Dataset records
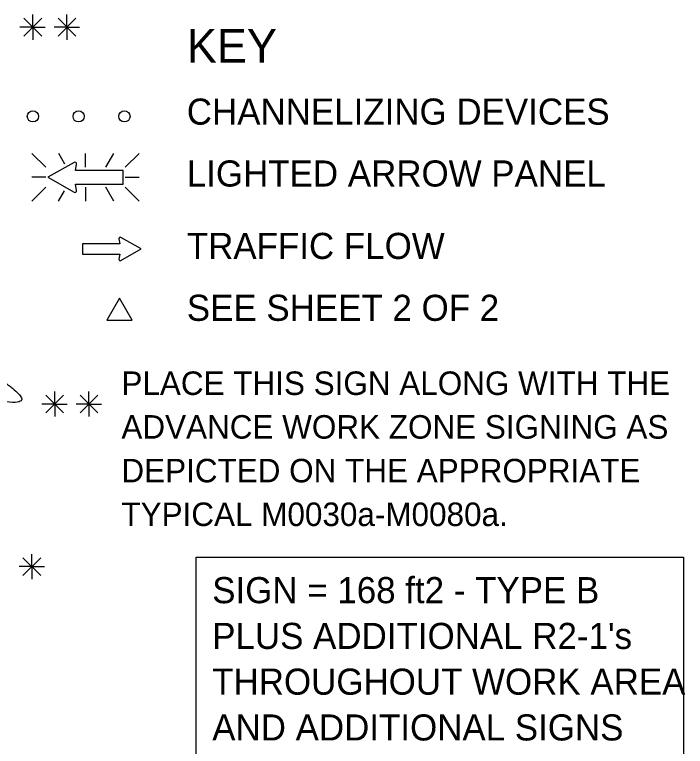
# Model space of a CAD drawing. Extents: x 16562 to 18475, y 6979 to 8243.
# Drawn here: x 17173.5 to 17412.5, y 7862.9 to 8123.6 of the extents above; entities that cross this region are included whole.
import ezdxf

# ---------------------------------------------------------------- set-up
doc = ezdxf.new("R2010")
doc.units = 0
for name, color, linetype in [('MT_SCRATCH_LEVEL_E', 7, 'Continuous'), ('TRAFFIC_SIGNS_PR', 7, 'Continuous'), ('TYPICAL_TEXT_DIMEN_EX', 7, 'Continuous'), ('TYPICAL_TEXT_DIMEN_PR', 7, 'Continuous')]:
    doc.layers.add(name, color=color, linetype=linetype)

msp = doc.modelspace()

# ---------------------------------------------------------------- linework, layer by layer
at = {"layer": 'MT_SCRATCH_LEVEL_E'}
for p, q in [((17210.67, 8043.76), (17210.99, 8041.98)), ((17210.67, 8043.76), (17210.99, 8041.98)), ((17218.6, 8040.13), (17211.36, 8044.24)), ((17218.6, 8040.13), (17211.36, 8044.24)), ((17210.99, 8041.98), (17197.73, 8041.98)), ((17197.73, 8041.98), (17197.73, 8038.24)), ((17210.99, 8041.98), (17197.73, 8041.98)), ((17197.73, 8041.98), (17197.73, 8038.24)), ((17211.36, 8035.99), (17218.6, 8040.13)), ((17211.36, 8035.99), (17218.6, 8040.13)), ((17197.73, 8038.24), (17210.99, 8038.24)), ((17197.73, 8038.24), (17210.99, 8038.24)), ((17210.99, 8038.24), (17210.67, 8036.46)), ((17210.99, 8038.24), (17210.67, 8036.46))]:
    msp.add_line(p, q, dxfattribs=at)
for centre, start, end in [((17211.13, 8043.83), 60.4248, 189.9638), ((17211.13, 8043.83), 60.4248, 189.9638), ((17211.13, 8036.39), 170.0362, 299.7731), ((17211.13, 8036.39), 170.0362, 299.7731)]:
    msp.add_arc(centre, 0.463, start, end, dxfattribs=at)
at = {"layer": 'TRAFFIC_SIGNS_PR'}
for p, q in [((17179.66, 8074.14), (17184.6, 8069.21)), ((17191.43, 8070.32), (17189.22, 8074.14)), ((17198.75, 8069.21), (17198.75, 8074.14)), ((17205.98, 8069.21), (17208.83, 8074.14)), ((17212.9, 8069.21), (17217.83, 8074.14)), ((17184.6, 8065.65), (17179.66, 8065.65)), ((17212.9, 8065.65), (17217.83, 8065.65)), ((17179.66, 8057.16), (17184.6, 8062.1)), ((17189.17, 8057.16), (17191.29, 8060.82)), ((17198.75, 8062.1), (17198.75, 8057.16)), ((17208.88, 8057.16), (17206.03, 8062.1)), ((17212.9, 8062.1), (17217.83, 8057.16))]:
    msp.add_line(p, q, dxfattribs=at)
for points in [[(17194.67, 8070.93), (17185.38, 8065.65), (17194.68, 8060.33)], [(17195.55, 8060.96), (17195.15, 8063.23), (17212.16, 8063.23), (17212.16, 8068.03), (17195.15, 8068.03), (17195.55, 8070.31)]]:
    msp.add_lwpolyline(points, dxfattribs=at)
for centre in [(17180.01, 8087.34), (17196.31, 8087.34), (17212.61, 8087.34)]:
    msp.add_circle(centre, 2, dxfattribs=at)
for centre, radius, start, end in [((17194.96, 8070.4), 0.598, 350.7308, 118.8916), ((17194.96, 8060.85), 0.597, 241.4833, 9.9593)]:
    msp.add_arc(centre, radius, start, end, dxfattribs=at)
at = {"layer": 'TYPICAL_TEXT_DIMEN_EX'}
msp.add_lwpolyline([(17238.13, 7930.32), (17411.78, 7930.32), (17411.78, 7839.99), (17238.13, 7839.99)], close=True, dxfattribs=at)
at = {"layer": 'TYPICAL_TEXT_DIMEN_PR'}
for p, q in [((17179.95, 8119.13), (17179.95, 8123.58)), ((17192.16, 8119.13), (17192.16, 8123.58)), ((17176.77, 8122.31), (17183.14, 8115.94)), ((17183.14, 8122.31), (17176.77, 8115.94)), ((17188.97, 8122.31), (17195.35, 8115.94)), ((17195.35, 8122.31), (17188.97, 8115.94)), ((17179.95, 8119.13), (17175.42, 8119.13)), ((17179.95, 8119.13), (17183.14, 8119.13)), ((17179.95, 8119.13), (17184.43, 8119.13)), ((17179.95, 8119.13), (17179.95, 8114.63)), ((17192.16, 8119.13), (17187.63, 8119.13)), ((17192.16, 8119.13), (17195.35, 8119.13)), ((17192.16, 8119.13), (17196.64, 8119.13)), ((17192.16, 8119.13), (17192.16, 8114.63)), ((17184.59, 7988.05), (17190.97, 7981.68)), ((17190.97, 7988.05), (17184.59, 7981.68)), ((17187.78, 7984.86), (17187.78, 7989.32)), ((17196.8, 7988.05), (17203.17, 7981.68)), ((17203.17, 7988.05), (17196.8, 7981.68)), ((17199.99, 7984.86), (17199.99, 7989.32)), ((17187.78, 7984.86), (17183.25, 7984.86)), ((17187.78, 7984.86), (17190.97, 7984.86)), ((17187.78, 7984.86), (17192.26, 7984.86)), ((17187.78, 7984.86), (17187.78, 7980.36)), ((17199.99, 7984.86), (17195.45, 7984.86)), ((17199.99, 7984.86), (17203.17, 7984.86)), ((17199.99, 7984.86), (17204.46, 7984.86)), ((17199.99, 7984.86), (17199.99, 7980.36)), ((17176.45, 7930.11), (17182.83, 7923.73)), ((17182.83, 7930.11), (17176.45, 7923.73)), ((17179.64, 7926.92), (17179.64, 7931.38)), ((17179.64, 7926.92), (17175.11, 7926.92)), ((17179.64, 7926.92), (17182.83, 7926.92)), ((17179.64, 7926.92), (17184.12, 7926.92)), ((17179.64, 7926.92), (17179.64, 7922.42))]:
    msp.add_line(p, q, dxfattribs=at)
msp.add_lwpolyline([(17210.88, 8022.62), (17206.35, 8014.79), (17215.4, 8014.79)], close=True, dxfattribs=at)
msp.add_open_spline([(17145.17, 8007.33), (17200.89, 7976.81), (17111.07, 8000.8), (17134.81, 7949.53)], degree=2, dxfattribs=at)

# ---------------------------------------------------------------- texts
at = {"layer": 'TRAFFIC_SIGNS_PR'}
for s, p in [('PLACE THIS SIGN ALONG WITH THE', (17211.55, 7988.08)), ('ADVANCE WORK ZONE SIGNING AS', (17211.55, 7972.52)), ('DEPICTED ON THE APPROPRIATE', (17211.55, 7956.95)), ('TYPICAL M0030a-M0080a.', (17211.55, 7941.39))]:
    msp.add_text(s, height=8.379, dxfattribs=at).set_placement(p)
at = {"layer": 'TYPICAL_TEXT_DIMEN_EX'}
for s, height, p in [('KEY', 12, (17234.85, 8106.44)), ('CHANNELIZING DEVICES', 9.3, (17234.85, 8084.39)), ('LIGHTED ARROW PANEL', 9.3, (17234.85, 8062.34)), ('TRAFFIC FLOW', 9.3, (17234.85, 8036.54)), ('SEE SHEET 2 OF 2', 9.3, (17234.85, 8014.49)), ('SIGN = 168 ft2 - TYPE B', 9.3, (17243.9, 7913.9)), ("PLUS ADDITIONAL R2-1's", 9.3, (17243.9, 7897.6)), ('THROUGHOUT WORK AREA', 9.3, (17243.9, 7881.3)), ('AND ADDITIONAL SIGNS', 9.3, (17243.9, 7864.99))]:
    msp.add_text(s, height=height, dxfattribs=at).set_placement(p)

doc.saveas('drawing.dxf')

_Try it_
Every line in the records above that contains the word "height" is to be copied out.

_Expected answer_
    msp.add_text(s, height=8.379, dxfattribs=at).set_placement(p)
for s, height, p in [('KEY', 12, (17234.85, 8106.44)), ('CHANNELIZING DEVICES', 9.3, (17234.85, 8084.39)), ('LIGHTED ARROW PANEL', 9.3, (17234.85, 8062.34)), ('TRAFFIC FLOW', 9.3, (17234.85, 8036.54)), ('SEE SHEET 2 OF 2', 9.3, (17234.85, 8014.49)), ('SIGN = 168 ft2 - TYPE B', 9.3, (17243.9, 7913.9)), ("PLUS ADDITIONAL R2-1's", 9.3, (17243.9, 7897.6)), ('THROUGHOUT WORK AREA', 9.3, (17243.9, 7881.3)), ('AND ADDITIONAL SIGNS', 9.3, (17243.9, 7864.99))]:
    msp.add_text(s, height=height, dxfattribs=at).set_placement(p)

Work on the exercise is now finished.